Han-Chung Wang · Answer 9 · Wed May 08 2024 06:00:58 GMT+0800 (China Standard Time)

That gets further, yeah :D. Might be enough to call this particular issue fixed?

There is an action item at LinAlg level: #17226 (comment)

I do see another error with iree-compile open_llama_3b_v2_f16.mlir --iree-hal-target-backends=llvm-cpu -o /tmp/open_llama_3b_v2_f16_cpu.vmfb

@ScottTodd can you provide the mlir file? @pashu123 please help triage and provide possible solutions

Scott Todd · Answer 10 · Wed May 08 2024 06:07:16 GMT+0800 (China Standard Time)

@ScottTodd can you provide the mlir file? @pashu123 please help triage and provide possible solutions

This is the input file I'm working with: https://sharkpublic.blob.core.windows.net/sharkpublic/scotttodd/issue_reports/open_llama_3b_v2_f16.mlir

Prashant Kumar · Answer 11 · Wed May 08 2024 10:12:43 GMT+0800 (China Standard Time)

@ScottTodd I think you should add -iree-opt-demote-i64-to-i32 flag.

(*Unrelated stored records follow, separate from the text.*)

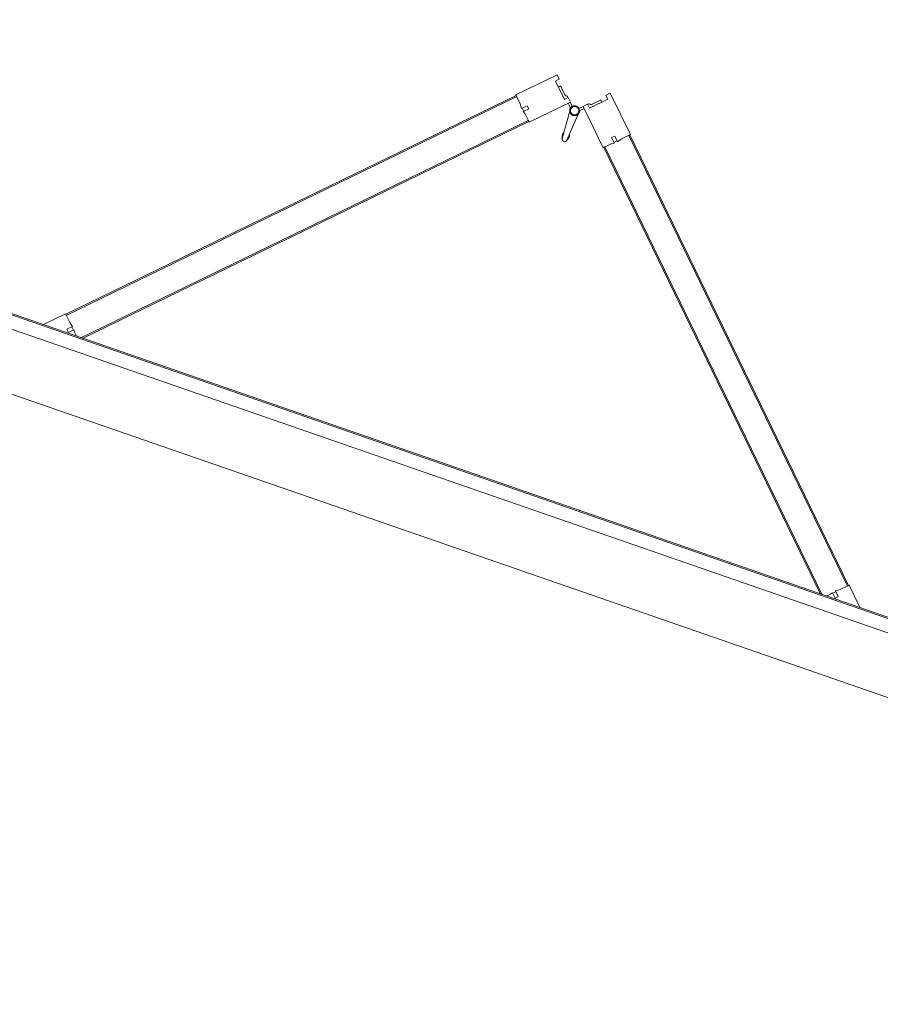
# Model space of a CAD drawing. Header units: millimetres. Extents: x 1512 to 2105, y 794 to 1149.
# Tile 62 of 256: x 1723.12 to 1724.55, y 846.84 to 848.47. Entities that reach past the tile are written whole.
import ezdxf

# ---------------------------------------------------------------- set-up
doc = ezdxf.new("R2010")
doc.units = ezdxf.units.MM
doc.layers.add('A-DOOR', color=31, linetype='Continuous', lineweight=9)

# ---------------------------------------------------------------- blocks, each defined once
blk = doc.blocks.new('5-panel_Bi-fold_external_door_10806 - Type 1-V7-اول')
at = {"layer": 'A-DOOR'}
for p, q in [((-0.1205, 0.7449), (-0.1742, 0.6912)), ((-0.1148, 0.7393), (-0.1205, 0.7449)), ((-0.1198, 0.7343), (-0.1148, 0.7393)), ((-0.0957, 0.7103), (-0.1198, 0.7343)), ((-0.0281, 0.7343), (-0.0521, 0.7103)), ((-0.0274, 0.7449), (-0.033, 0.7393)), ((-0.033, 0.7393), (-0.0281, 0.7343)), ((0.0264, 0.6912), (-0.0274, 0.7449)), ((-0.1103, 0.7284), (-0.112, 0.7266)), ((-0.1103, 0.7284), (-0.112, 0.7266)), ((-0.1103, 0.7284), (-0.112, 0.7266)), ((-0.097, 0.7173), (-0.1081, 0.7284)), ((-0.0397, 0.7284), (-0.0508, 0.7173)), ((-0.0358, 0.7266), (-0.0376, 0.7284)), ((-0.0358, 0.7266), (-0.0376, 0.7284)), ((-0.0358, 0.7266), (-0.0376, 0.7284)), ((-0.1389, 0.6558), (-0.0851, 0.7096)), ((-0.0908, 0.7153), (-0.0957, 0.7103)), ((-0.0909, 0.7151), (-0.0924, 0.7165)), ((-0.0851, 0.7096), (-0.0908, 0.7153)), ((-0.0879, 0.7068), (-0.0837, 0.7025)), ((-0.0797, 0.7039), (-0.0853, 0.7094)), ((-0.0625, 0.7094), (-0.0681, 0.7039)), ((-0.0674, 0.7031), (-0.0676, 0.7033)), ((-0.0674, 0.7031), (-0.0676, 0.7033)), ((-0.0674, 0.7031), (-0.0676, 0.7033)), ((-0.0674, 0.7031), (-0.0676, 0.7033)), ((-0.0674, 0.7031), (-0.0676, 0.7033)), ((-0.0674, 0.7031), (-0.0676, 0.7033)), ((-0.0674, 0.7031), (-0.0676, 0.7033)), ((-0.0674, 0.7031), (-0.0676, 0.7033)), ((-0.0674, 0.7031), (-0.0676, 0.7033)), ((-0.0642, 0.7025), (-0.0599, 0.7068)), ((-0.0571, 0.7153), (-0.0627, 0.7096)), ((-0.0627, 0.7096), (-0.009, 0.6558)), ((-0.0521, 0.7103), (-0.0571, 0.7153)), ((-0.0554, 0.7165), (-0.0569, 0.7151)), ((-0.7598, 0.1042), (-0.1735, 0.6905)), ((-0.7584, 0.1027), (-0.1721, 0.6891)), ((-0.1742, 0.6912), (-0.1627, 0.6797)), ((-0.1735, 0.6905), (-0.1721, 0.6891)), ((-0.0812, 0.695), (-0.0779, 0.648)), ((-0.0699, 0.648), (-0.0666, 0.695)), ((0.0148, 0.6797), (0.0264, 0.6912)), ((0.0243, 0.6891), (0.0257, 0.6905)), ((0.0243, 0.6891), (0.6106, 0.1027)), ((0.0257, 0.6905), (0.612, 0.1042)), ((-0.1627, 0.6797), (-0.158, 0.6731)), ((-0.158, 0.6731), (-0.1507, 0.6804)), ((-0.1571, 0.6741), (-0.1528, 0.6698)), ((-0.1464, 0.6762), (-0.1536, 0.6691)), ((-0.1536, 0.6691), (-0.15, 0.667)), ((-0.1507, 0.6804), (-0.1464, 0.6762)), ((-0.0014, 0.6762), (0.0029, 0.6804)), ((0.0057, 0.6691), (-0.0014, 0.6762)), ((0.0022, 0.667), (0.0057, 0.6691)), ((0.0029, 0.6804), (0.0102, 0.6731)), ((0.005, 0.6698), (0.0092, 0.6741)), ((0.0102, 0.6731), (0.0148, 0.6797)), ((-0.7235, 0.0755), (-0.141, 0.658)), ((-0.7207, 0.0755), (-0.1396, 0.6566)), ((-0.15, 0.667), (-0.1389, 0.6558)), ((-0.141, 0.658), (-0.1396, 0.6566)), ((-0.0796, 0.6523), (-0.0777, 0.647)), ((-0.0796, 0.6523), (-0.0779, 0.648)), ((-0.0777, 0.647), (-0.0796, 0.6523)), ((-0.0701, 0.647), (-0.0683, 0.6523)), ((-0.0683, 0.6523), (-0.0701, 0.647)), ((-0.0683, 0.6523), (-0.0699, 0.648)), ((-0.009, 0.6558), (0.0022, 0.667)), ((-0.0083, 0.6566), (-0.0069, 0.658)), ((-0.0083, 0.6566), (0.5728, 0.0755)), ((-0.0069, 0.658), (0.5757, 0.0755)), ((-0.0777, 0.647), (-0.0778, 0.6474)), ((-0.0701, 0.647), (-0.07, 0.6474)), ((-0.7605, 0.1049), (-0.7899, 0.0755)), ((-0.749, 0.0933), (-0.7605, 0.1049)), ((-0.7584, 0.1027), (-0.7598, 0.1042)), ((0.6127, 0.1049), (0.6012, 0.0933)), ((0.612, 0.1042), (0.6106, 0.1027)), ((0.6421, 0.0755), (0.6127, 0.1049)), ((-0.7498, 0.0814), (-0.7424, 0.0887)), ((-0.7424, 0.0887), (-0.749, 0.0933)), ((-0.7384, 0.0842), (-0.7455, 0.0771)), ((-0.7391, 0.0835), (-0.7434, 0.0877)), ((-0.7363, 0.0807), (-0.7384, 0.0842)), ((0.5906, 0.0842), (0.5885, 0.0807)), ((0.5977, 0.0771), (0.5906, 0.0842)), ((0.5956, 0.0877), (0.5913, 0.0835)), ((0.6012, 0.0933), (0.5946, 0.0887)), ((0.5946, 0.0887), (0.6019, 0.0814)), ((2.581, 0.0759), (-2.331, 0.0759)), ((2.581, 0.0737), (-2.331, 0.0737)), ((-0.7455, 0.0771), (-0.7498, 0.0814)), ((-0.7311, 0.0755), (-0.7363, 0.0807)), ((0.5885, 0.0807), (0.5833, 0.0755)), ((0.6019, 0.0814), (0.5977, 0.0771)), ((-2.331, 0.0516), (2.581, 0.0516)), ((-2.331, -0.05), (2.581, -0.05))]:
    blk.add_line(p, q, dxfattribs=at)
at = {"layer": 'A-DOOR', "flags": 128}
for points in [[(-0.0739, 0.7063), (-0.0742, 0.7063), (-0.0746, 0.7063), (-0.0749, 0.7063), (-0.0752, 0.7062), (-0.0755, 0.7062), (-0.0758, 0.7061), (-0.0761, 0.706), (-0.0764, 0.7059), (-0.0767, 0.7058), (-0.077, 0.7057), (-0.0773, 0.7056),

Meanwhile, I'll double check this.

Prashant Kumar · Answer 12 · Wed May 08 2024 11:05:51 GMT+0800 (China Standard Time)

-iree-opt-demote-i64-to-i32

Verified adding this generates .vmfb.

Han-Chung Wang · Answer 13 · Fri May 10 2024 01:02:41 GMT+0800 (China Standard Time)

After thinking a while, I think we can close the issue. The action item I mentioned is tracking in the other issue, and we don't have action items for this issue now.